§ Aim of the task
From the records below, copy out each line that has the word "Fitting".

§ Dataset excerpts
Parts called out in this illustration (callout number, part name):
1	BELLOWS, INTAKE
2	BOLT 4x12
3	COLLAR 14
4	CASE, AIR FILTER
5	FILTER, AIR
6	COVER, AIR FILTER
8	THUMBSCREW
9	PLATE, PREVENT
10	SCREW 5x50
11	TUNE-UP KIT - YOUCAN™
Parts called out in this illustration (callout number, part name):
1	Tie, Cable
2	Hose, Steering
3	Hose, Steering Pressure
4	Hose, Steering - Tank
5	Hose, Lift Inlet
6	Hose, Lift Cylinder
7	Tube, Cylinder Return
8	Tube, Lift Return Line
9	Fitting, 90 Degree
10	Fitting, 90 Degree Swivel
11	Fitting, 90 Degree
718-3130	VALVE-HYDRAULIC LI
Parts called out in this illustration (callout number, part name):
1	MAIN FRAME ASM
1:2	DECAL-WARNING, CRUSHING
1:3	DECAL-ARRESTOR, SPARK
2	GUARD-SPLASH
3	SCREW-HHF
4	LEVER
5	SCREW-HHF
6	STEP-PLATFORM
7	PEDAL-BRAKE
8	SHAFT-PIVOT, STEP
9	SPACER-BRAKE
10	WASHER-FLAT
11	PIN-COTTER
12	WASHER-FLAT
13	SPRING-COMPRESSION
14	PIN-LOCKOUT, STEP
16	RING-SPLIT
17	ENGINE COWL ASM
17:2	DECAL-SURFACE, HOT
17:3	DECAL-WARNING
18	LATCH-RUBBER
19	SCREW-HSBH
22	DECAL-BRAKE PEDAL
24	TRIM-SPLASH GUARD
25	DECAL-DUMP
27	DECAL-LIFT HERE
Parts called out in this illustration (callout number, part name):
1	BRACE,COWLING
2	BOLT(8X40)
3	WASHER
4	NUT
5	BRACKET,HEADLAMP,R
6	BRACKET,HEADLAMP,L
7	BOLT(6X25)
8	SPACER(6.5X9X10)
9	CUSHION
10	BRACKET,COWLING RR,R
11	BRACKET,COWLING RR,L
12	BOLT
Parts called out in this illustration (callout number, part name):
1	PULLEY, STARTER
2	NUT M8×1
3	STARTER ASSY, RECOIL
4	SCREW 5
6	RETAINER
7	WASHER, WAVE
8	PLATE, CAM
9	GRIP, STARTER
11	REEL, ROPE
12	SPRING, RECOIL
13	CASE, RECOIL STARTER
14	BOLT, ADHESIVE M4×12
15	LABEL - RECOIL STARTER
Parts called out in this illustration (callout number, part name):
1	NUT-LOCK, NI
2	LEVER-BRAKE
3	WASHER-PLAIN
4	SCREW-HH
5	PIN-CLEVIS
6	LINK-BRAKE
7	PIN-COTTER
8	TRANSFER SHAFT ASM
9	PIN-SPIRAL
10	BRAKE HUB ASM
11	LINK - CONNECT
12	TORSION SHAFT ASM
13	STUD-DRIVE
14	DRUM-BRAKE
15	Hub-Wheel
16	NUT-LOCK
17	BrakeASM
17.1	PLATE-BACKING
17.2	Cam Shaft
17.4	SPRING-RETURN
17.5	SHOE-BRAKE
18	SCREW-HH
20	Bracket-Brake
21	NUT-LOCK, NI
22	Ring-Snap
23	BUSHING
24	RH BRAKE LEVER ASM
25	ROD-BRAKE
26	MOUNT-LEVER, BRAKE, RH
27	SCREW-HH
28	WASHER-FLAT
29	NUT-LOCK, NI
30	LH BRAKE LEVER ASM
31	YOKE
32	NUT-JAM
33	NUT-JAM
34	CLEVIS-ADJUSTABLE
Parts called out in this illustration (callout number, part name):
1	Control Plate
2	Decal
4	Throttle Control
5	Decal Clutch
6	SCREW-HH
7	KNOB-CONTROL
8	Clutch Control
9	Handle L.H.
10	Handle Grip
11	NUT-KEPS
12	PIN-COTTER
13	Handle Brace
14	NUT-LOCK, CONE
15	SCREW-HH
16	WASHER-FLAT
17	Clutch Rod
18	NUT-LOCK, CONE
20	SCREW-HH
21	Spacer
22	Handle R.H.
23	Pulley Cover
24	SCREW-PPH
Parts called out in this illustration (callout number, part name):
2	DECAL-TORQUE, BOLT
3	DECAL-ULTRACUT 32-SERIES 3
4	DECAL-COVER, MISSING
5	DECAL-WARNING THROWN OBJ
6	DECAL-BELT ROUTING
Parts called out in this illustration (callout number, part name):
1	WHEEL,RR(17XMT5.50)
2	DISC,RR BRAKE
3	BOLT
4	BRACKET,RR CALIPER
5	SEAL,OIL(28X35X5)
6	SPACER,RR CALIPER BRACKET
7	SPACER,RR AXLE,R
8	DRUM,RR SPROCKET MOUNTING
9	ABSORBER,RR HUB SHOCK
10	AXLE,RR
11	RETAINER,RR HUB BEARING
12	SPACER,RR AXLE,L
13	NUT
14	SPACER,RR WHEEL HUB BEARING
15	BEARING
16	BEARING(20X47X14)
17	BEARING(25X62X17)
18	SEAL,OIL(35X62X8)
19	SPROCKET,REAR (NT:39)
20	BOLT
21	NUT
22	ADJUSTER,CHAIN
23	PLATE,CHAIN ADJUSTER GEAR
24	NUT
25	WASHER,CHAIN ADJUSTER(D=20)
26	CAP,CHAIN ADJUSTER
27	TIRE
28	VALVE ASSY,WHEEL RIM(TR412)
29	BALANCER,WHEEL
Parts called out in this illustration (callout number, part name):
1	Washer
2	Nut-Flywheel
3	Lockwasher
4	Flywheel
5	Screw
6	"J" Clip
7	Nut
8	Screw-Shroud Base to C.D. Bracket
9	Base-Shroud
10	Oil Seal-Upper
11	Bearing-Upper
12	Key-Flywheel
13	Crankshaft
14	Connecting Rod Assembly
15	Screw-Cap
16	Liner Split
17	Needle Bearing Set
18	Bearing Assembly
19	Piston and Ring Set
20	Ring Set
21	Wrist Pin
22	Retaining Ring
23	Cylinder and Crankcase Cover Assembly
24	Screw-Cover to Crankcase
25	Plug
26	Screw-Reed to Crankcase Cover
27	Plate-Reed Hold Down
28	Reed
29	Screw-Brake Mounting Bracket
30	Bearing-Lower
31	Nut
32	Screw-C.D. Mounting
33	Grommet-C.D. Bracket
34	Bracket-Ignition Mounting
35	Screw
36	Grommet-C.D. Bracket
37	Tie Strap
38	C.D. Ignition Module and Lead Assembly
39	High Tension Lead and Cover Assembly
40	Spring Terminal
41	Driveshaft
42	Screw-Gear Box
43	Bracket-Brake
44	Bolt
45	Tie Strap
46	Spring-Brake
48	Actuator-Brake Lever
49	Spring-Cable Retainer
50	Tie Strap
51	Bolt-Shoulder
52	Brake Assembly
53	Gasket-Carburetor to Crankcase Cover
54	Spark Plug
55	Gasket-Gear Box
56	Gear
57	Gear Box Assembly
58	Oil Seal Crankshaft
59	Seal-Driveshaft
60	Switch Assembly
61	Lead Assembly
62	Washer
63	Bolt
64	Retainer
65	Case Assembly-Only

§ Solution to this problem
9	Fitting, 90 Degree
10	Fitting, 90 Degree Swivel
11	Fitting, 90 Degree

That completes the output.